U.S. lawmakers are set to begin discussion on the taxes in September when lawmakers return from a break, although many believe divisions could push action back until after the November elections.
The biggest controversy is over whether historically low income tax rates for the wealthiest 2 percent of Americans should be extended.
President Barack Obama wants to extend lower rates enacted under former President George W. Bush for only lower and middle-class taxpayers, who comprise about 98 percent of the population.
In this group are individuals earning less than $200,000 per year and couples earning less than $250,000. Under Obama's plan, the top two tax rates would rise from 33 percent and 35 percent to 36 percent and 39.6 percent, respectively.
Below is a summary of the debate surrounding the issue:
CONTENTION: Republicans and business groups argue lifting the top two rates would derail the economic recovery.
FACTS: There is considerable debate on this contention, though several economists at top Wall Street banks say the recovery will probably not fall back into recession if Obama's plan wins the day.
But given the recent backslide in growth, many back waiting until the economy is on a firmer footing.
In an August poll of 53 economists conducted by The Wall Street Journal, 32 backed renewing all of the lower tax rates, 11 supported Obama's policy and three backed letting all the rates expire.
These limited tax increases would likely not stall the recovery, Citigroup chief U.S. economist Bob DiClemente said.

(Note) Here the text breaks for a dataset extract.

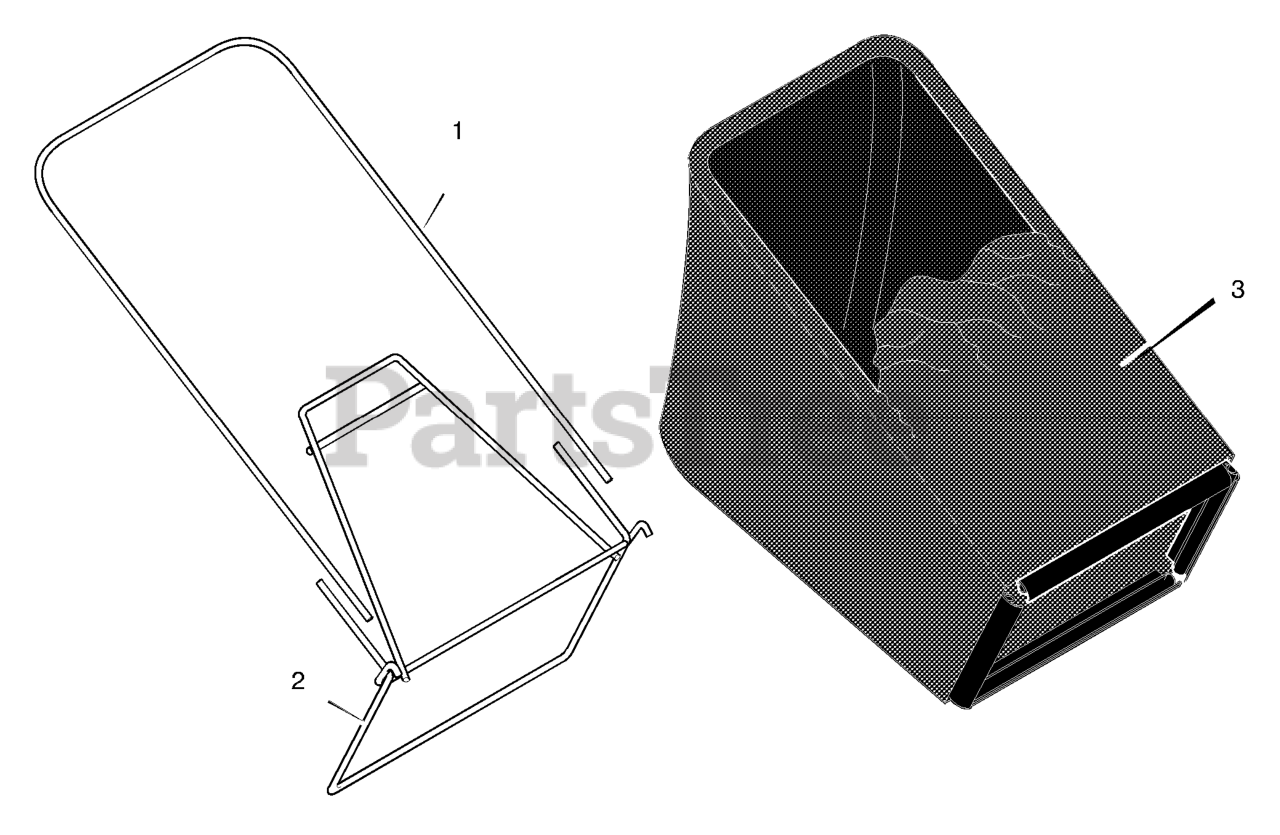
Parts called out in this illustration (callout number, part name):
1	Tube, Bag
2	Frame Assembly
3	Bag, Cloth - Gray
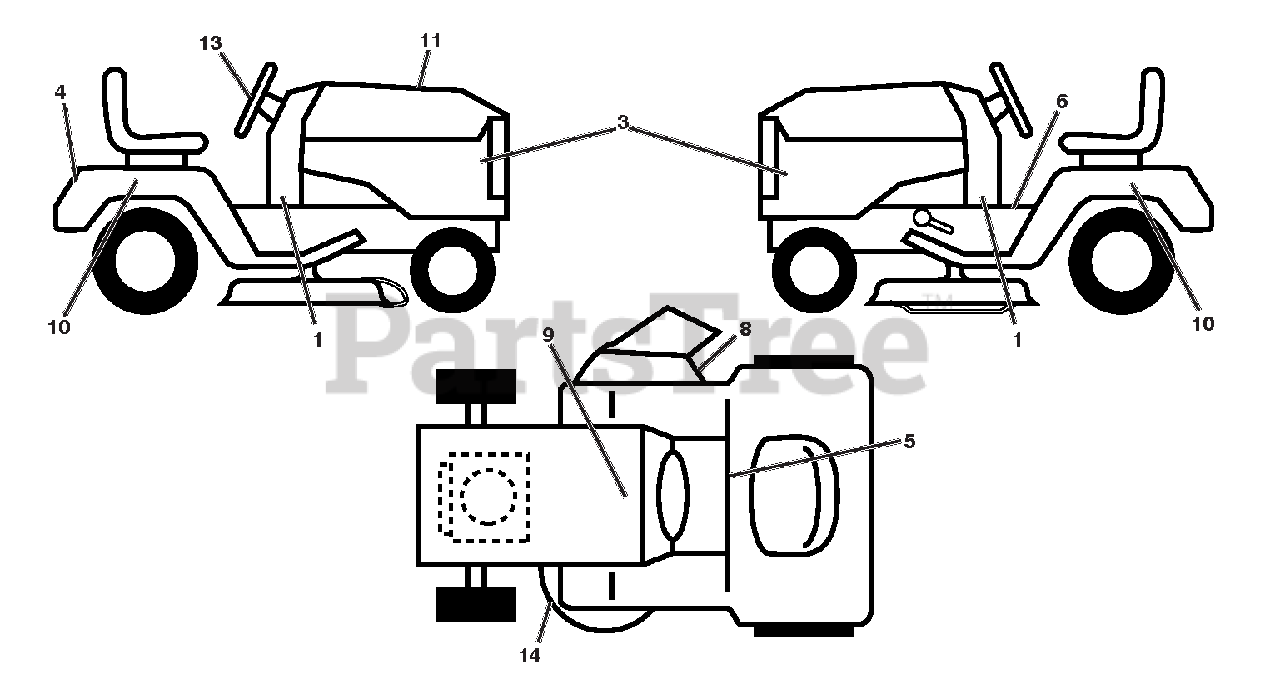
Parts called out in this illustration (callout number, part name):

But he added that given recent warnings about slowing growth by the Federal Reserve: "I'd be reluctant to go ahead with them at this time."
CONTENTION: Proponents of extending the lower tax rates for wealthier individuals say small business will be harmed under Obama's plan, which would slow economic growth.

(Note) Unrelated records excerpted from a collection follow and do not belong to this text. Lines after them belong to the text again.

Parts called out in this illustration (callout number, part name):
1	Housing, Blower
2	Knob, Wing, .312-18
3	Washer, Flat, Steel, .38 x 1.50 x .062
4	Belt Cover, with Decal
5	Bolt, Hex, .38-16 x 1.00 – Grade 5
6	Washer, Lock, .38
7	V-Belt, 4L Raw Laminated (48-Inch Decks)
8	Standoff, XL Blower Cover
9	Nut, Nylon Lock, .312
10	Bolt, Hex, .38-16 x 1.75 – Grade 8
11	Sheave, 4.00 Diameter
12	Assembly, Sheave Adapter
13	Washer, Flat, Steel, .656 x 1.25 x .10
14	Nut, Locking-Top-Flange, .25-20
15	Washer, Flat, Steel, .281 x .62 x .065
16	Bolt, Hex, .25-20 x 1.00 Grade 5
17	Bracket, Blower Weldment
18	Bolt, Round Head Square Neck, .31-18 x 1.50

FACTS: The congressional Joint Committee on Taxation estimates that about 3 percent of individual taxpayers with business income fit into the top two income rate tiers.
The same report found that half of small business income, estimated at about $1 trillion annually, comes from this elite group.

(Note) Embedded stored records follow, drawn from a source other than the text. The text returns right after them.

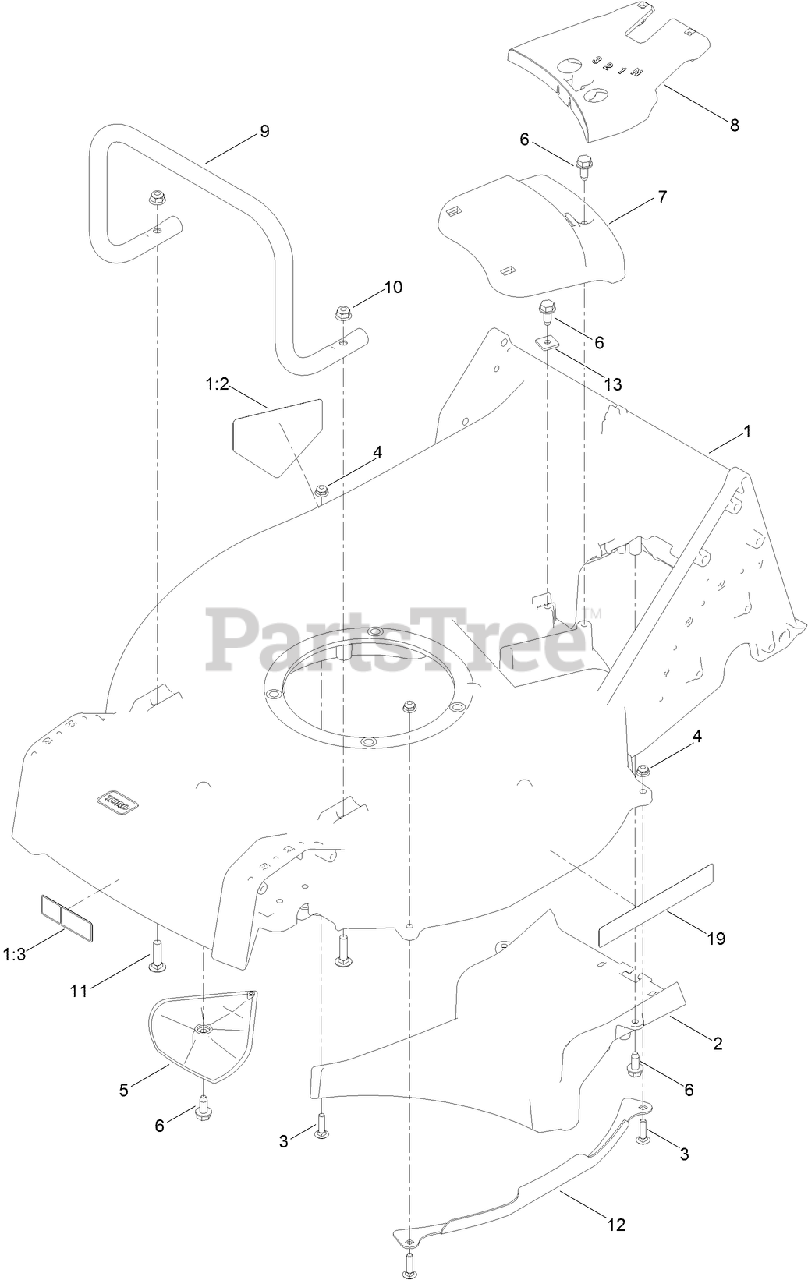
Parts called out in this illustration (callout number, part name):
1	HOUSING ASM
1:2	DECAL-DANGER
1:3	DECAL-WARNING, BLADE
2	FLOOR-CHUTE
3	SCREW-CARR
4	NUT-HF
5	KICKER
6	SCREW-HWHTF
7	COVER-BELT, FRONT
8	COVER-BELT, REAR
9	GUARD-ENGINE
10	NUT-HF, NI
11	SCREW-CARR
12	GUARD-SIDE, DECK
13	CLAMP-CABLE
19	DECAL-RECYCLER
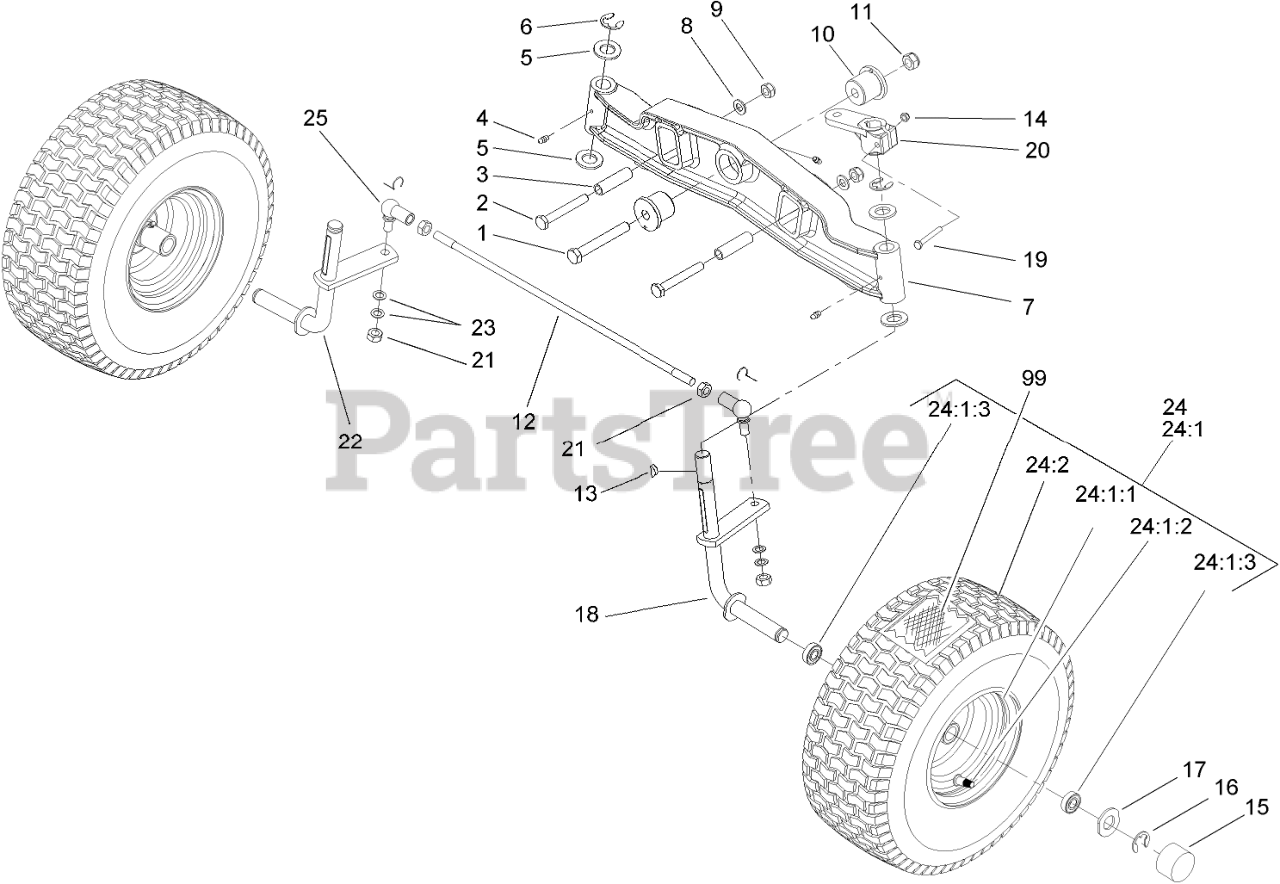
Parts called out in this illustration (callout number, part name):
1	SCREW-HH
2	SCREW-HH
3	SPACER
4	FITTING-GREASE
5	WASHER-FLAT
6	CLIP-SPRING
7	AXLE-FRONT
8	WASHER-FLAT
9	NUT-LOCK, NI
10	BUSHING-AXLE, FRONT
11	NUT-LOCKING, SELF
12	ROD-TIE, FRONT AXLE
13	KEY-WOODRUFF
14	NUT-LOCK
15	CAP-HUB
16	CLIP-SPRING
17	RETAINER-CAP, HUB
18	LH SPINDLE ASM
19	SCREW-HH
20	LEVER-SPINDLE, STEERING
21	NUT-LOCK, NI
22	RH SPINDLE ASM
23	Washer
24	WHEEL and TIRE ASM
24:1	WHEEL ASM
24:1:1	RIM
24:1:2	Valve-Tire
24:1:3	BEARING-WHEEL
25	JOINT-BALL, ANGLE
99	TUBE-INNER

Included in this group, however, are firms that many would not consider "small." For example, hedge funds and law firms are organized in ways that technically put them in this category.
CONTENTION: There are more effective ways to stimulate the economy, where one can get a "bigger bang for the buck," than keeping taxes low for wealthier Americans, proponents of letting the top two tax rates rise say.
FACTS: Economists of all stripes agree high earners are less likely to spend extra cash than less well-off peers.
A January report by the Congressional Budget Office, seen as a neutral arbiter of budget matters, measured the impact of various measures to boost growth and employment.
It found that putting money in the hands of lower-income earners by boosting aid to the unemployed or lowering payroll taxes is a significantly more efficient way to stimulate growth compared to putting more funds in the hands of those already well-off.
"There are just better ways to use the money," said economist William Gale at the Brookings Institution.
Moody's Economy.com chief economist Mark Zandi, who advised Republican presidential candidate John McCain, backs this view but argues such programs could not make it through this Congress, which has fought bitterly to extend stimulus spending this year.
The influential Zandi advocates phasing out the low rates for high earners beginning in 2012, citing the fledgling recovery.
CONTENTION: We cannot afford to pay for the tax cuts given the widening debt and yearly budget deficits, expected at about $1.5 trillion this year, some deficit hawks say.
FACTS: Extending the tax cuts for the 98 percent of Americans in Obama's plan would cost $1.3 trillion over 10 years. Adding in the upper income groups would cost about $700 billion over the same period.
A key omission in the debate over what to do about the taxes is how extension of lower rates would be funded.
Under congressional budget rules, lawmakers can extend the lower rates for lower- and middle-class Americans without finding a separate revenue source.
The lower rates for the upper-income groups must be paid for under the same budget rules, although Congress could chose to waive the rules.